Angry residents hit by £2m bill for repairs by ‘immoral’ housing group

BENEDICT MOORE-BRIDGER

A group of homeowners in east ­London is taking legal action against Europe’s largest housing association after receiving a £2 million bill for repairs.

Residents of Bow’s Ranwell West estate were stunned when Clarion Housing Group presented them with bills of up to £32,000 each, after they had already paid more than £3,000 a year for service and maintenance.

Clarion has also told them it will take a percentage of their property if they fail to pay. Several homeowners have had to sell their flats to pay the charges.

Residents claim the firm allowed the estate to fall into disrepair before any work was done, with councillors raising the issue of maintenance more than a decade ago.

However, homeowners were handed a legal notice by Clarion, ordering them to pay for the repairs which include mechanical and electrical work, fixing the roof and floors, and redecoration of communal areas and pipes.

The first bill came in 2016 and work started in 2017. The second bill was delivered in 2017.

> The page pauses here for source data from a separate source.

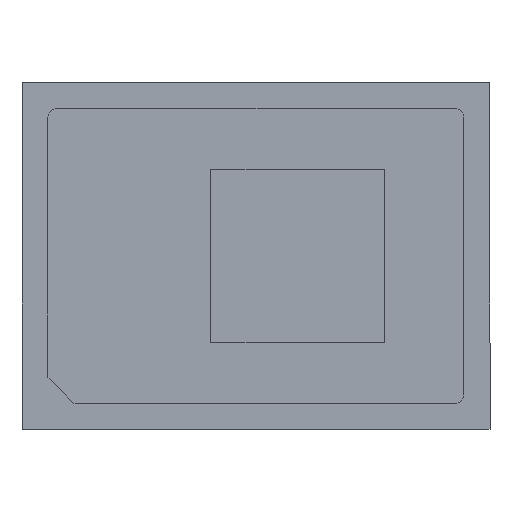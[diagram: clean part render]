
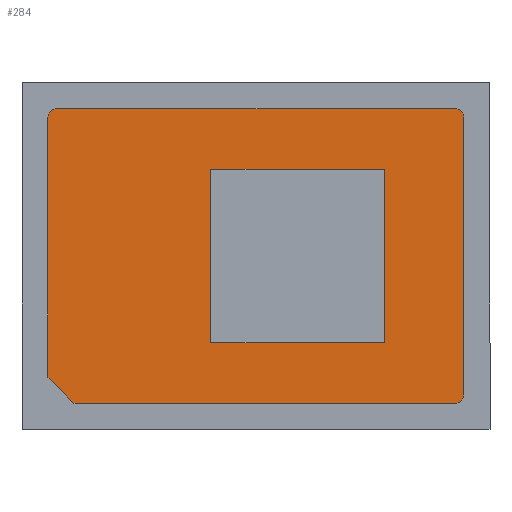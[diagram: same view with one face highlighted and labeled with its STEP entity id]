
A CAD part, top view. The second image highlights one B-rep face of the part: STEP entity #284.
In plain terms, the highlighted planar face has unit normal (0, 0, 1).
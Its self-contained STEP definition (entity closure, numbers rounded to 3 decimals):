
#1 = EDGE_LOOP ( 'NONE', ( #157, #183, #210, #5 ) ) ;
#5 = ORIENTED_EDGE ( 'NONE', *, *, #391, .F. ) ;
#6 = DIRECTION ( 'NONE',  ( -1., 0., 0. ) ) ;
#11 = AXIS2_PLACEMENT_3D ( 'NONE', #326, #202, #322 ) ;
#12 = CARTESIAN_POINT ( 'NONE',  ( -1.2, 0., 0. ) ) ;
#23 = EDGE_CURVE ( 'NONE', #57, #253, #315, .T. ) ;
#30 = CARTESIAN_POINT ( 'NONE',  ( 1.2, 0., 0. ) ) ;
#31 = VECTOR ( 'NONE', #261, 1000. ) ;
#32 = VECTOR ( 'NONE', #252, 1000. ) ;
#37 = ORIENTED_EDGE ( 'NONE', *, *, #411, .T. ) ;
#45 = CARTESIAN_POINT ( 'NONE',  ( -1.15, 0.85, 0. ) ) ;
#48 = CARTESIAN_POINT ( 'NONE',  ( -1.05, -0.85, 0. ) ) ;
#57 = VERTEX_POINT ( 'NONE', #213 ) ;
#64 = LINE ( 'NONE', #144, #79 ) ;
#65 = AXIS2_PLACEMENT_3D ( 'NONE', #166, #462, #282 ) ;
#67 = VECTOR ( 'NONE', #317, 1000. ) ;
#69 = VERTEX_POINT ( 'NONE', #45 ) ;
#73 = LINE ( 'NONE', #230, #478 ) ;
#77 = VERTEX_POINT ( 'NONE', #399 ) ;
#79 = VECTOR ( 'NONE', #352, 1000. ) ;
#84 = LINE ( 'NONE', #390, #151 ) ;
#87 = VERTEX_POINT ( 'NONE', #97 ) ;
#88 = EDGE_CURVE ( 'NONE', #385, #413, #434, .T. ) ;
#92 = LINE ( 'NONE', #209, #96 ) ;
#96 = VECTOR ( 'NONE', #218, 1000. ) ;
#97 = CARTESIAN_POINT ( 'NONE',  ( 1.15, 0.85, 0. ) ) ;
#100 = CARTESIAN_POINT ( 'NONE',  ( -1.05, -0.85, 0. ) ) ;
#110 = VERTEX_POINT ( 'NONE', #100 ) ;
#111 = EDGE_CURVE ( 'NONE', #241, #400, #369, .T. ) ;
#114 = VERTEX_POINT ( 'NONE', #474 ) ;
#120 = CARTESIAN_POINT ( 'NONE',  ( -1.15, 0.8, 0. ) ) ;
#122 = CARTESIAN_POINT ( 'NONE',  ( 0.74, -0.5, 0. ) ) ;
#125 = CIRCLE ( 'NONE', #459, 0.05 ) ;
#144 = CARTESIAN_POINT ( 'NONE',  ( 0.74, 0., 0. ) ) ;
#151 = VECTOR ( 'NONE', #320, 1000. ) ;
#152 = EDGE_CURVE ( 'NONE', #413, #414, #64, .T. ) ;
#157 = ORIENTED_EDGE ( 'NONE', *, *, #152, .F. ) ;
#166 = CARTESIAN_POINT ( 'NONE',  ( 1.15, -0.8, 0. ) ) ;
#173 = VECTOR ( 'NONE', #451, 1000. ) ;
#183 = ORIENTED_EDGE ( 'NONE', *, *, #88, .F. ) ;
#202 = DIRECTION ( 'NONE',  ( 0., 0., -1. ) ) ;
#204 = LINE ( 'NONE', #328, #67 ) ;
#205 = ORIENTED_EDGE ( 'NONE', *, *, #402, .T. ) ;
#209 = CARTESIAN_POINT ( 'NONE',  ( 0., 0.5, 0. ) ) ;
#210 = ORIENTED_EDGE ( 'NONE', *, *, #445, .F. ) ;
#213 = CARTESIAN_POINT ( 'NONE',  ( -1.2, 0.8, 0. ) ) ;
#214 = CARTESIAN_POINT ( 'NONE',  ( 1.15, 0.8, 0. ) ) ;
#218 = DIRECTION ( 'NONE',  ( -1., 0., 0. ) ) ;
#219 = CARTESIAN_POINT ( 'NONE',  ( -1.2, -0.7, 0. ) ) ;
#220 = CARTESIAN_POINT ( 'NONE',  ( 0., -0.5, 0. ) ) ;
#223 = EDGE_CURVE ( 'NONE', #69, #57, #125, .T. ) ;
#227 = ORIENTED_EDGE ( 'NONE', *, *, #111, .T. ) ;
#230 = CARTESIAN_POINT ( 'NONE',  ( -0.26, 0., 0. ) ) ;
#241 = VERTEX_POINT ( 'NONE', #479 ) ;
#242 = DIRECTION ( 'NONE',  ( 0., 0., 1. ) ) ;
#247 = VECTOR ( 'NONE', #472, 1000. ) ;
#251 = ORIENTED_EDGE ( 'NONE', *, *, #293, .T. ) ;
#252 = DIRECTION ( 'NONE',  ( 1., 0., 0. ) ) ;
#253 = VERTEX_POINT ( 'NONE', #219 ) ;
#259 = PLANE ( 'NONE',  #11 ) ;
#261 = DIRECTION ( 'NONE',  ( 1., 0., 0. ) ) ;
#278 = CARTESIAN_POINT ( 'NONE',  ( -0.26, -0.5, 0. ) ) ;
#282 = DIRECTION ( 'NONE',  ( 1., 0., 0. ) ) ;
#284 = ADVANCED_FACE ( 'NONE', ( #363, #470 ), #259, .F. ) ;
#286 = CIRCLE ( 'NONE', #65, 0.05 ) ;
#293 = EDGE_CURVE ( 'NONE', #77, #241, #286, .T. ) ;
#302 = ORIENTED_EDGE ( 'NONE', *, *, #223, .T. ) ;
#315 = LINE ( 'NONE', #12, #173 ) ;
#317 = DIRECTION ( 'NONE',  ( -1., 0., 0. ) ) ;
#320 = DIRECTION ( 'NONE',  ( 0.707, -0.707, 0. ) ) ;
#322 = DIRECTION ( 'NONE',  ( -1., 0., 0. ) ) ;
#326 = CARTESIAN_POINT ( 'NONE',  ( 0., 0., 0. ) ) ;
#328 = CARTESIAN_POINT ( 'NONE',  ( -1.15, 0.85, 0. ) ) ;
#343 = DIRECTION ( 'NONE',  ( 0., -1., 0. ) ) ;
#352 = DIRECTION ( 'NONE',  ( 0., 1., 0. ) ) ;
#353 = CARTESIAN_POINT ( 'NONE',  ( 1.2, 0.8, 0. ) ) ;
#363 = FACE_OUTER_BOUND ( 'NONE', #409, .T. ) ;
#369 = LINE ( 'NONE', #30, #247 ) ;
#378 = ORIENTED_EDGE ( 'NONE', *, *, #387, .T. ) ;
#382 = ORIENTED_EDGE ( 'NONE', *, *, #23, .T. ) ;
#385 = VERTEX_POINT ( 'NONE', #278 ) ;
#387 = EDGE_CURVE ( 'NONE', #110, #77, #430, .T. ) ;
#390 = CARTESIAN_POINT ( 'NONE',  ( -1.05, -0.85, 0. ) ) ;
#391 = EDGE_CURVE ( 'NONE', #414, #114, #92, .T. ) ;
#399 = CARTESIAN_POINT ( 'NONE',  ( 1.15, -0.85, 0. ) ) ;
#400 = VERTEX_POINT ( 'NONE', #353 ) ;
#402 = EDGE_CURVE ( 'NONE', #400, #87, #448, .T. ) ;
#409 = EDGE_LOOP ( 'NONE', ( #227, #205, #37, #302, #382, #471, #378, #251 ) ) ;
#411 = EDGE_CURVE ( 'NONE', #87, #69, #204, .T. ) ;
#413 = VERTEX_POINT ( 'NONE', #122 ) ;
#414 = VERTEX_POINT ( 'NONE', #468 ) ;
#419 = EDGE_CURVE ( 'NONE', #253, #110, #84, .T. ) ;
#430 = LINE ( 'NONE', #48, #32 ) ;
#434 = LINE ( 'NONE', #220, #31 ) ;
#445 = EDGE_CURVE ( 'NONE', #114, #385, #73, .T. ) ;
#448 = CIRCLE ( 'NONE', #477, 0.05 ) ;
#451 = DIRECTION ( 'NONE',  ( 0., -1., 0. ) ) ;
#452 = DIRECTION ( 'NONE',  ( 1., 0., 0. ) ) ;
#456 = DIRECTION ( 'NONE',  ( 0., 0., 1. ) ) ;
#459 = AXIS2_PLACEMENT_3D ( 'NONE', #120, #242, #6 ) ;
#462 = DIRECTION ( 'NONE',  ( 0., 0., 1. ) ) ;
#468 = CARTESIAN_POINT ( 'NONE',  ( 0.74, 0.5, 0. ) ) ;
#470 = FACE_BOUND ( 'NONE', #1, .T. ) ;
#471 = ORIENTED_EDGE ( 'NONE', *, *, #419, .T. ) ;
#472 = DIRECTION ( 'NONE',  ( 0., 1., 0. ) ) ;
#474 = CARTESIAN_POINT ( 'NONE',  ( -0.26, 0.5, 0. ) ) ;
#477 = AXIS2_PLACEMENT_3D ( 'NONE', #214, #456, #452 ) ;
#478 = VECTOR ( 'NONE', #343, 1000. ) ;
#479 = CARTESIAN_POINT ( 'NONE',  ( 1.2, -0.8, 0. ) ) ;
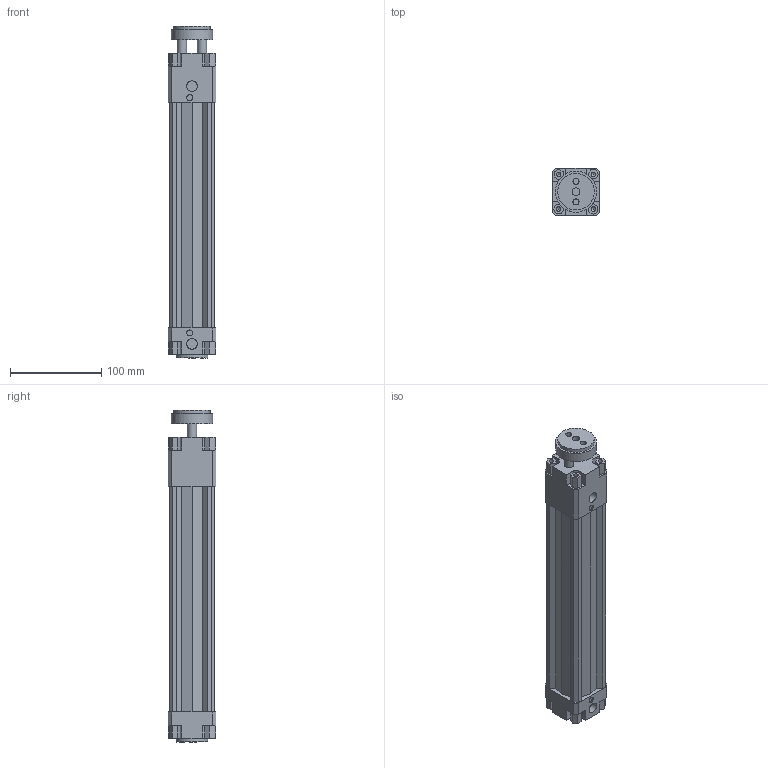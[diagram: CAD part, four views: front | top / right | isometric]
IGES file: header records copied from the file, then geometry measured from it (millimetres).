
Global section: file name: 134#_040_0200_01; native system: Autodesk Inventor 2014; preprocessor: unknown; author: A. Manieri; date: 20161006.164300; units: millimetre
Bounding box: 52 x 52 x 364 mm (x, y, z)
Volume: 496347.1 mm3; surface area: 149708.9 mm2
Topology: 2 solids, 2 shells, 180 faces, 492 edges, 336 vertices
Faces by surface type: bspline 180
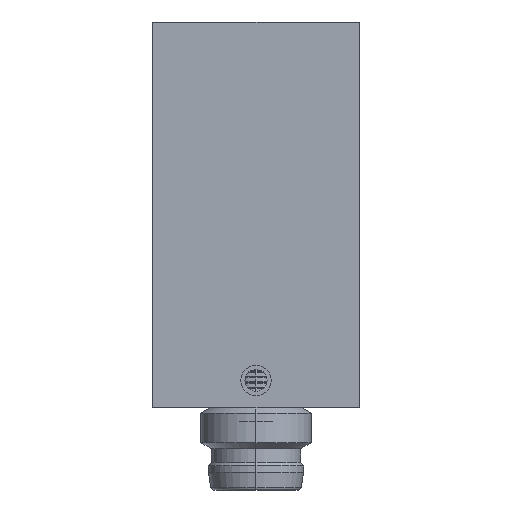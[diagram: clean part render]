
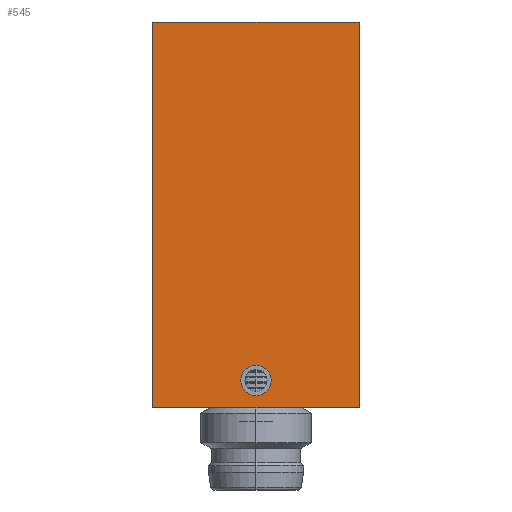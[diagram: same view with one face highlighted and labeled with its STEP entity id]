
A CAD part, left-side view. The second image highlights one B-rep face of the part: STEP entity #545.
In plain terms, the highlighted planar face has unit normal (-1, 0, 0).
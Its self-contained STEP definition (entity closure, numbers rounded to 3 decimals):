
#545=ADVANCED_FACE('0:5114',(#1143,#1144),#1145,.T.);
#1143=FACE_OUTER_BOUND('',#1805,.T.);
#1144=FACE_BOUND('',#1806,.T.);
#1145=PLANE('',#1807);
#1805=EDGE_LOOP('',(#3242,#3243,#3244,#3245));
#1806=EDGE_LOOP('',(#3246,#3247));
#1807=AXIS2_PLACEMENT_3D('',#3248,#3249,#3250);
#3242=ORIENTED_EDGE('',*,*,#4190,.F.);
#3243=ORIENTED_EDGE('',*,*,#4191,.F.);
#3244=ORIENTED_EDGE('',*,*,#4192,.F.);
#3245=ORIENTED_EDGE('',*,*,#4193,.F.);
#3246=ORIENTED_EDGE('',*,*,#4178,.T.);
#3247=ORIENTED_EDGE('',*,*,#3740,.T.);
#3248=CARTESIAN_POINT('',(-176.5,5.5,15.5));
#3249=DIRECTION('',(-1.0,0.,0.0));
#3250=DIRECTION('',(0.0,0.0,1.0));
#3740=EDGE_CURVE('0:5594',#4447,#4451,#4453,.T.);
#4178=EDGE_CURVE('0:5594',#4451,#4447,#5071,.T.);
#4190=EDGE_CURVE('0:5621',#5089,#5090,#5091,.T.);
#4191=EDGE_CURVE('0:5624',#5092,#5089,#5093,.T.);
#4192=EDGE_CURVE('0:5627',#5094,#5092,#5095,.T.);
#4193=EDGE_CURVE('0:5630',#5090,#5094,#5096,.T.);
#4447=VERTEX_POINT('',#5418);
#4451=VERTEX_POINT('',#5423);
#4453=CIRCLE('',#5426,1.1);
#5071=CIRCLE('',#6169,1.1);
#5089=VERTEX_POINT('',#6194);
#5090=VERTEX_POINT('',#6195);
#5091=LINE('',#6196,#6197);
#5092=VERTEX_POINT('',#6198);
#5093=LINE('',#6199,#6200);
#5094=VERTEX_POINT('',#6201);
#5095=LINE('',#6202,#6203);
#5096=LINE('',#6204,#6205);
#5418=CARTESIAN_POINT('',(-176.5,1.1,2.0));
#5423=CARTESIAN_POINT('',(-176.5,-1.1,2.0));
#5426=AXIS2_PLACEMENT_3D('',#6470,#6471,#6472);
#6169=AXIS2_PLACEMENT_3D('',#7117,#7118,#7119);
#6194=CARTESIAN_POINT('',(-176.5,-7.5,28.0));
#6195=CARTESIAN_POINT('',(-176.5,-7.5,0.0));
#6196=CARTESIAN_POINT('',(-176.5,-7.5,0.0));
#6197=VECTOR('',#7130,0.001);
#6198=CARTESIAN_POINT('',(-176.5,7.5,28.0));
#6199=CARTESIAN_POINT('',(-176.5,-7.5,28.0));
#6200=VECTOR('',#7131,0.001);
#6201=CARTESIAN_POINT('',(-176.5,7.5,0.0));
#6202=CARTESIAN_POINT('',(-176.5,7.5,28.0));
#6203=VECTOR('',#7132,0.001);
#6204=CARTESIAN_POINT('',(-176.5,7.5,0.0));
#6205=VECTOR('',#7133,0.001);
#6470=CARTESIAN_POINT('',(-176.5,0.,2.0));
#6471=DIRECTION('',(1.0,0.,0.0));
#6472=DIRECTION('',(0.,1.0,0.0));
#7117=CARTESIAN_POINT('',(-176.5,0.,2.0));
#7118=DIRECTION('',(1.0,0.,0.0));
#7119=DIRECTION('',(0.,1.0,0.0));
#7130=DIRECTION('',(0.,0.,-1.0));
#7131=DIRECTION('',(0.,-1.0,0.0));
#7132=DIRECTION('',(0.0,0.0,1.0));
#7133=DIRECTION('',(0.,1.0,0.0));

Residents argue that the work would not have been so expensive had appropriate maintenance been done earlier. They are concerned they may face more bills in the future, and 18 residents have engaged legal firm Hodge Jones & Allen to fight the charges.

Outrage: Shilpi Purkayastha said the charges were “ridiculous” and that residents “don’t know what we are paying for”

Richard Manning, 40, a health and safety officer who lives on the estate, said: “The way we have been treated is appalling, immoral. The building has been under-maintained … it appears the bills we are faced with are to make good on things that should have been fixed years ago under general maintenance. People are being forced to hand over between six and 10 per cent of their homes to make up for failures in housing association management, as they are unable to pay or challenge the bills.”

Mother-of-one Shilpi Purkayastha, 39, said: “When you see the state of the building, the money we are being charged is ridiculous … the kind of service charges you’d expect in Chelsea. We don’t know what we are paying for.”

A Clarion spokeswoman said such works were not just general maintenance, but necessary improvements that “in the life-cycle of a building”, and leaseholders should bear in mind these costs when buying this type of property.

She said Clarion seeks to “maintain our existing housing stock to a good standard”.

The Government has faced calls to act on the problem of owners of ex-local authority homes facing bills for refurbishments.

A report published last month by the Commons housing committee called for wide-ranging reforms to the leasehold system.